(Items from a dataset)
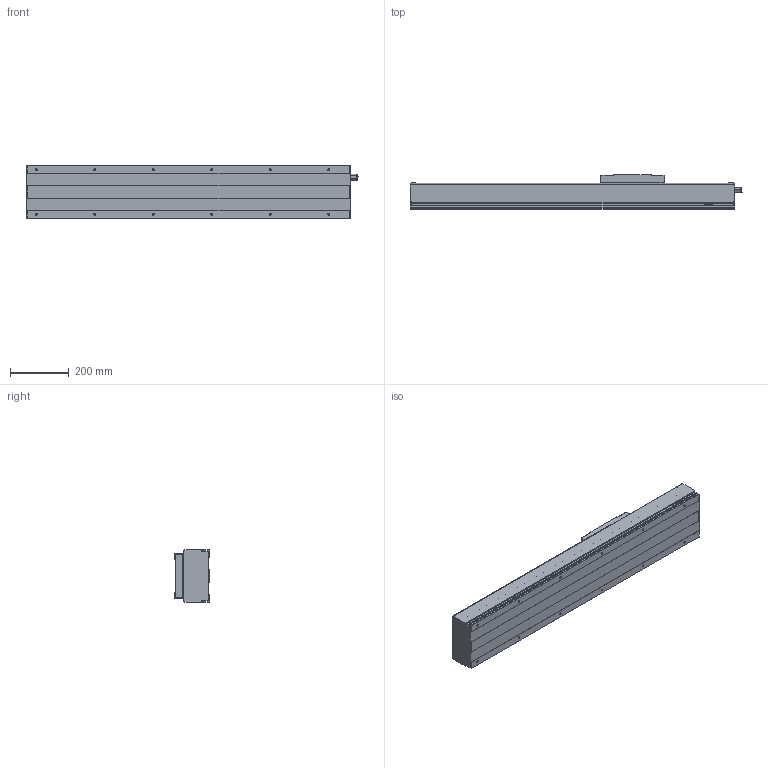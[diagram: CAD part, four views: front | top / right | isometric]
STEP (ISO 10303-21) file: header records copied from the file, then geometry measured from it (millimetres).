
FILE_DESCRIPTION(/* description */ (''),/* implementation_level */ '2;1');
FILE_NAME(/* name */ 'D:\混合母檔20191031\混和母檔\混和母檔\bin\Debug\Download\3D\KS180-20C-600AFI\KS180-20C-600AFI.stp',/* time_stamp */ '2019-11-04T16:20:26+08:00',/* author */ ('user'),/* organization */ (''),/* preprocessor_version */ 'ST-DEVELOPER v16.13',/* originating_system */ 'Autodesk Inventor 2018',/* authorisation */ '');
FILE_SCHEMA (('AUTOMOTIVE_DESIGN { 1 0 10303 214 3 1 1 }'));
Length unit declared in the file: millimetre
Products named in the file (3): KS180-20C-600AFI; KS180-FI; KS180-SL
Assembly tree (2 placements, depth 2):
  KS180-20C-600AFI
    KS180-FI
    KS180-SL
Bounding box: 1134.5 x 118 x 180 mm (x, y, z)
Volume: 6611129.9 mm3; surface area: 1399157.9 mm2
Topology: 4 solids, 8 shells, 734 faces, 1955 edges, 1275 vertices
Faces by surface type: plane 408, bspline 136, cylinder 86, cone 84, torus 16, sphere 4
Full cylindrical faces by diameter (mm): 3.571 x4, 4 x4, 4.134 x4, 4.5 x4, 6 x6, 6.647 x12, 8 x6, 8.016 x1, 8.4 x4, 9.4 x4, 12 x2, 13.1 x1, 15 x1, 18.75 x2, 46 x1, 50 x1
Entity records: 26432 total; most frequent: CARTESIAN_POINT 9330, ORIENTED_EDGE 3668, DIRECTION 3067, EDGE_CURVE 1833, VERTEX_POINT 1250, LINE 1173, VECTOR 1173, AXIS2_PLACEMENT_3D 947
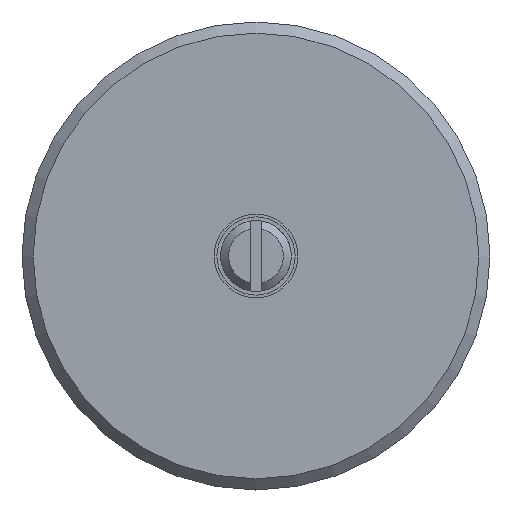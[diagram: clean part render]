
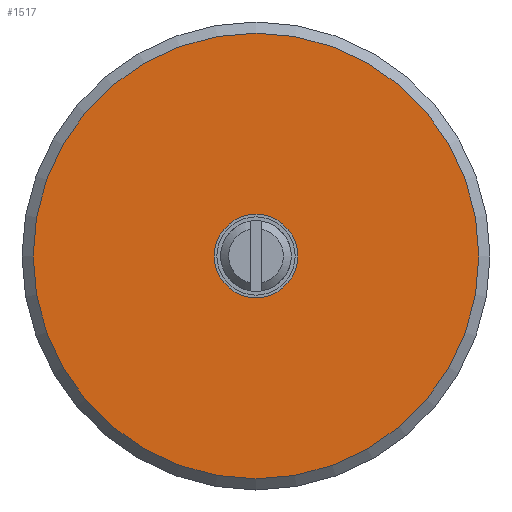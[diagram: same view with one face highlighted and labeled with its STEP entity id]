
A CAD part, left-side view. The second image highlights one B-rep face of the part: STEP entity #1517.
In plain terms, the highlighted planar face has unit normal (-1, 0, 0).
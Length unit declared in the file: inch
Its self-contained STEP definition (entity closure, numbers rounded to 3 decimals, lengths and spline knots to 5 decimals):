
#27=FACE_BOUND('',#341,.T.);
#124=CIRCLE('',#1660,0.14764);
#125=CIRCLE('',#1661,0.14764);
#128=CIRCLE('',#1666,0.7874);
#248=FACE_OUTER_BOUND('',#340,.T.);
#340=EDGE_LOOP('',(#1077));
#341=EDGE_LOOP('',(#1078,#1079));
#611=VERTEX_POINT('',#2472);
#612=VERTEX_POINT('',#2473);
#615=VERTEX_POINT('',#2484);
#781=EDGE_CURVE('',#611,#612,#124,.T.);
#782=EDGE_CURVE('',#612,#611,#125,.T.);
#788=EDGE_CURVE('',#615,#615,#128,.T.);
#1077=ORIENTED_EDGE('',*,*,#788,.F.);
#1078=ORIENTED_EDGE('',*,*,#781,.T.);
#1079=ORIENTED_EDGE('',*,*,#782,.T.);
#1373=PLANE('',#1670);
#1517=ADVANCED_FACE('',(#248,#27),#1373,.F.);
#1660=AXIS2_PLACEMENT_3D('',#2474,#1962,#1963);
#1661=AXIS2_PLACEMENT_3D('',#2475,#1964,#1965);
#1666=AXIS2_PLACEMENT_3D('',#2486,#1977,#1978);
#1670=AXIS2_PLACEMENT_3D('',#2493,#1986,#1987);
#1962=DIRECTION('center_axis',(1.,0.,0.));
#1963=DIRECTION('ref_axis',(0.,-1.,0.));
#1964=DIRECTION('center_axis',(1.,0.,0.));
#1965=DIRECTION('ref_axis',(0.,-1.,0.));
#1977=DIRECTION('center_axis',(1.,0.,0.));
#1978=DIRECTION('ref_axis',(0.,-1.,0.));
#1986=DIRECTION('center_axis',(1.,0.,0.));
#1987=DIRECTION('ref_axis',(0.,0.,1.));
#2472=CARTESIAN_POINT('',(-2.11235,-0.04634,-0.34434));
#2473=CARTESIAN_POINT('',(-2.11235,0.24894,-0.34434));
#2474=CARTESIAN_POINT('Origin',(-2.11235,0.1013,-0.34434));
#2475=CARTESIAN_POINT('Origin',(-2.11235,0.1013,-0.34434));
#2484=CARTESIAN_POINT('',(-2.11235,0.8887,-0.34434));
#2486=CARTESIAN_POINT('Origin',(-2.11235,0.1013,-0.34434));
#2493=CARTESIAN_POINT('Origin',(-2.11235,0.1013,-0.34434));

Task prompt
What you copy out must be exactly the lines from the line containing "#2472=CARTESIAN_POINT('',(-2.11235,-0.04634,-0.34434));" through the end of the records.

Response
#2472=CARTESIAN_POINT('',(-2.11235,-0.04634,-0.34434));
#2473=CARTESIAN_POINT('',(-2.11235,0.24894,-0.34434));
#2474=CARTESIAN_POINT('Origin',(-2.11235,0.1013,-0.34434));
#2475=CARTESIAN_POINT('Origin',(-2.11235,0.1013,-0.34434));
#2484=CARTESIAN_POINT('',(-2.11235,0.8887,-0.34434));
#2486=CARTESIAN_POINT('Origin',(-2.11235,0.1013,-0.34434));
#2493=CARTESIAN_POINT('Origin',(-2.11235,0.1013,-0.34434));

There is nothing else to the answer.